** Provided records follows **
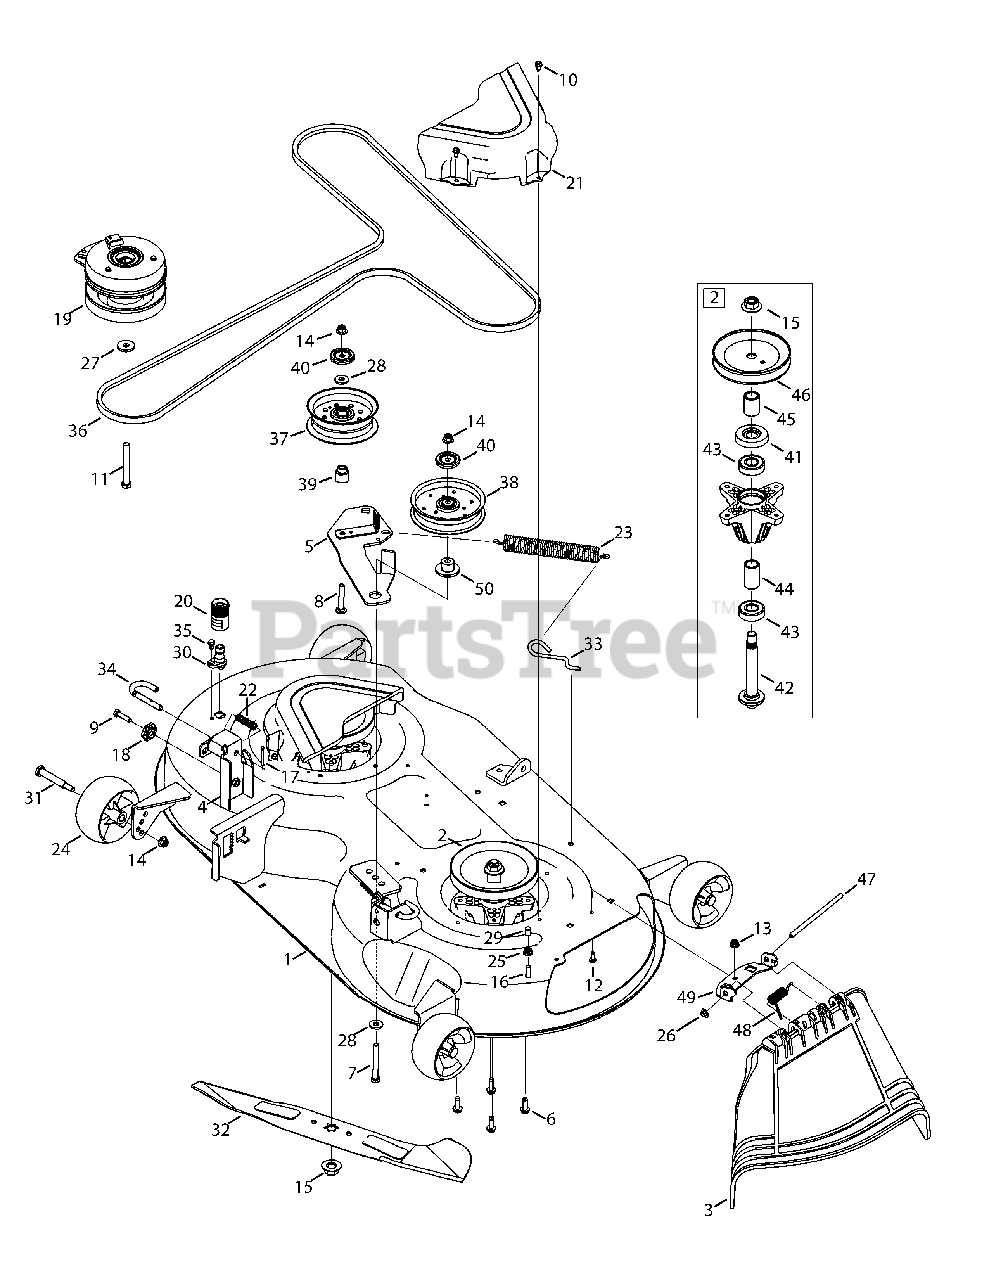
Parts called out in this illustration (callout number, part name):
1	46" Deck
2	Spindle Assembly
3	Chute Deflector Assembly
4	Deck Lift Bracket
5	Deck Idler Assembly
6	Hex Washer Screw, 5/16-18 x .750
7	Hex Cap Screw, 3/8-16 x 3.50
9	Hex Flange Screw, 3/8-16
10	Hex Washer Screw, 1/4-20 x .625
11	Screw, 7/16-20 x 3.25
12	Hex Cap Screw, 1/4-20 x .62
13	Nut, Flange Lock, 1/4-20, Nylon
14	Flange Lock Nut, 3/8-16
15	Hex Flange Nut, 5/8-18
16	Hex Cap Screw, 5/16-18 x 1.00
17	Cotter Pin, 5/32 x 1.25
18	Deck Adjustment Gear
19	Electric PTO Clutch
20	Water Nozzle Adapter
21	Belt Cover
22	Compression Spring, .66 x 1.9
23	Extension Spring, 1.25 OD x 1.751
24	Deck Ball Wheel, 5.0
25	Flange Lock Nut, 5/16-18
26	Push Cap
27	Flat Washer, .450 x 1.25 x .164
28	Flat Washer, .406 x 1.00 x .105
29	Cap, .290 x .500
30	Deck Wash Nozzle
31	Shoulder Screw, .5 x 2.5 x 3/8-16
32	Blade, 2 in 1, 23.25
33	Deck Spring Rod
34	Deck Hanger Rod
35	Shoulder Screw, 1/4-20 x 0.50
36	V-Belt
37	Pulley, Idler, 4.50" Dia.
38	Idler Pulley, 5.00 Dia.
39	Shoulder Spacer
40	Pulley Cap
41	Bearing Shield
42	Spindle Shaft
43	Ball Bearing
44	Spacer, .792 x 1.060 x 1.860
45	Spacer, .8 x 1.1 x 2.26
46	Deck Pulley
47	Hinge Pin
48	Spring, Torsion, .440 ID x 1.75
50	Shoulder Spacer
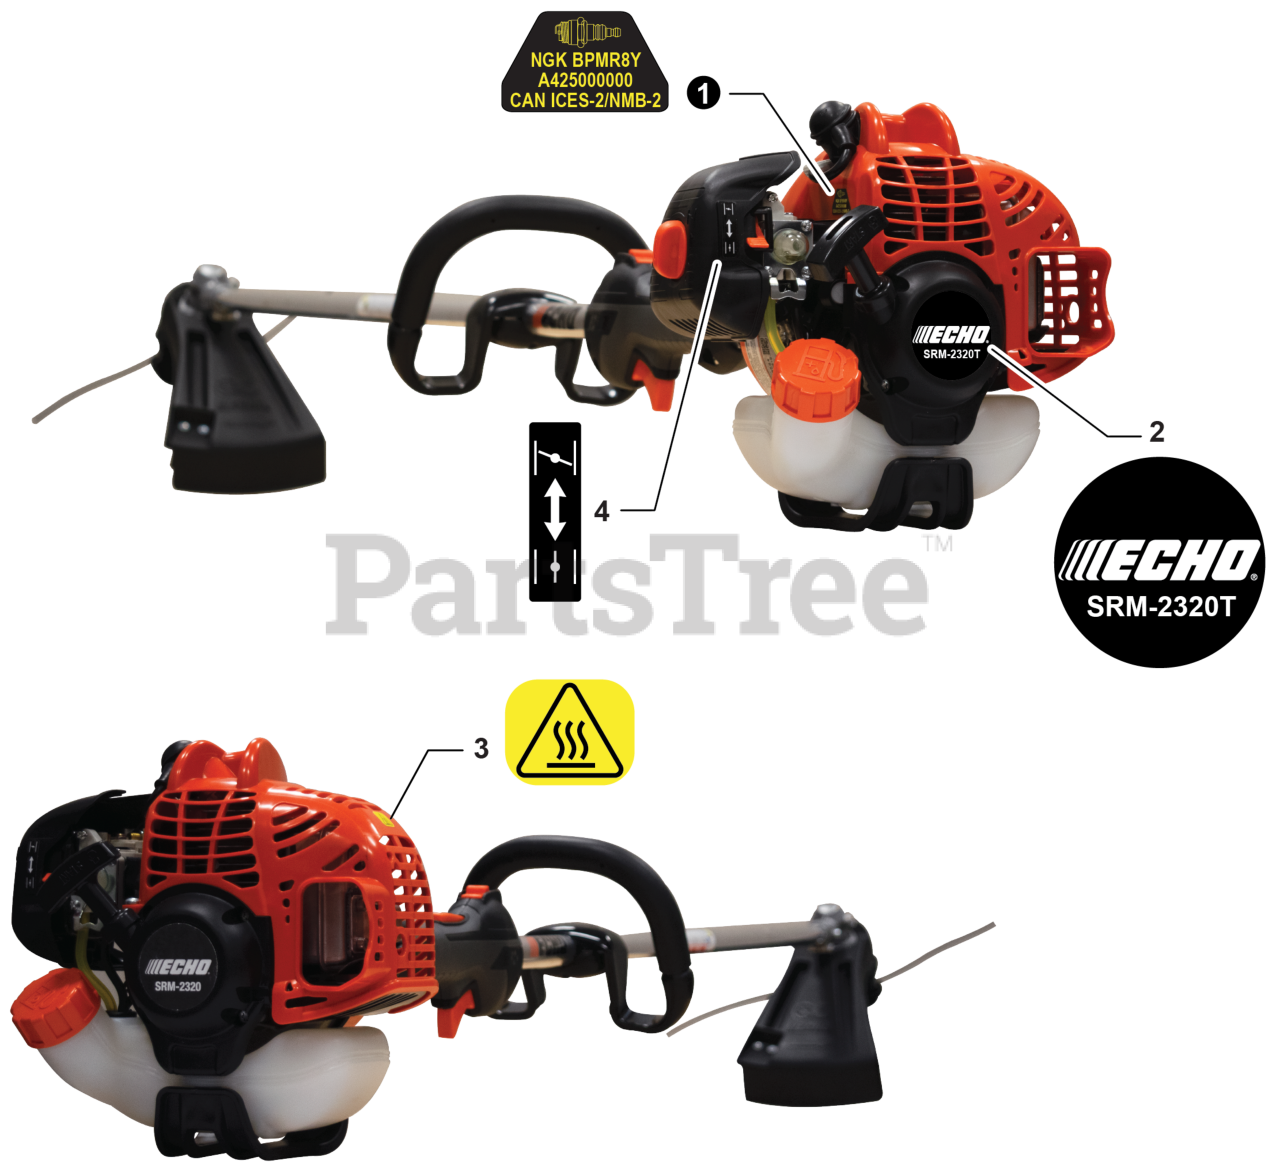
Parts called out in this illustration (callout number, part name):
1	LABEL - SPARK PLUG - BPMR8Y
2	LABEL - RECOIL STARTER - SRM-2320T
3	LABEL - CAUTION - HOT
4	LABEL - CHOKE
** End of Provided records **
Task instructions:
Pictures stay out, and every line of the records is transcribed exactly.

Response:
Parts called out in this illustration (callout number, part name):
1	46" Deck
2	Spindle Assembly
3	Chute Deflector Assembly
4	Deck Lift Bracket
5	Deck Idler Assembly
6	Hex Washer Screw, 5/16-18 x .750
7	Hex Cap Screw, 3/8-16 x 3.50
9	Hex Flange Screw, 3/8-16
10	Hex Washer Screw, 1/4-20 x .625
11	Screw, 7/16-20 x 3.25
12	Hex Cap Screw, 1/4-20 x .62
13	Nut, Flange Lock, 1/4-20, Nylon
14	Flange Lock Nut, 3/8-16
15	Hex Flange Nut, 5/8-18
16	Hex Cap Screw, 5/16-18 x 1.00
17	Cotter Pin, 5/32 x 1.25
18	Deck Adjustment Gear
19	Electric PTO Clutch
20	Water Nozzle Adapter
21	Belt Cover
22	Compression Spring, .66 x 1.9
23	Extension Spring, 1.25 OD x 1.751
24	Deck Ball Wheel, 5.0
25	Flange Lock Nut, 5/16-18
26	Push Cap
27	Flat Washer, .450 x 1.25 x .164
28	Flat Washer, .406 x 1.00 x .105
29	Cap, .290 x .500
30	Deck Wash Nozzle
31	Shoulder Screw, .5 x 2.5 x 3/8-16
32	Blade, 2 in 1, 23.25
33	Deck Spring Rod
34	Deck Hanger Rod
35	Shoulder Screw, 1/4-20 x 0.50
36	V-Belt
37	Pulley, Idler, 4.50" Dia.
38	Idler Pulley, 5.00 Dia.
39	Shoulder Spacer
40	Pulley Cap
41	Bearing Shield
42	Spindle Shaft
43	Ball Bearing
44	Spacer, .792 x 1.060 x 1.860
45	Spacer, .8 x 1.1 x 2.26
46	Deck Pulley
47	Hinge Pin
48	Spring, Torsion, .440 ID x 1.75
50	Shoulder Spacer
Parts called out in this illustration (callout number, part name):
1	LABEL - SPARK PLUG - BPMR8Y
2	LABEL - RECOIL STARTER - SRM-2320T
3	LABEL - CAUTION - HOT
4	LABEL - CHOKE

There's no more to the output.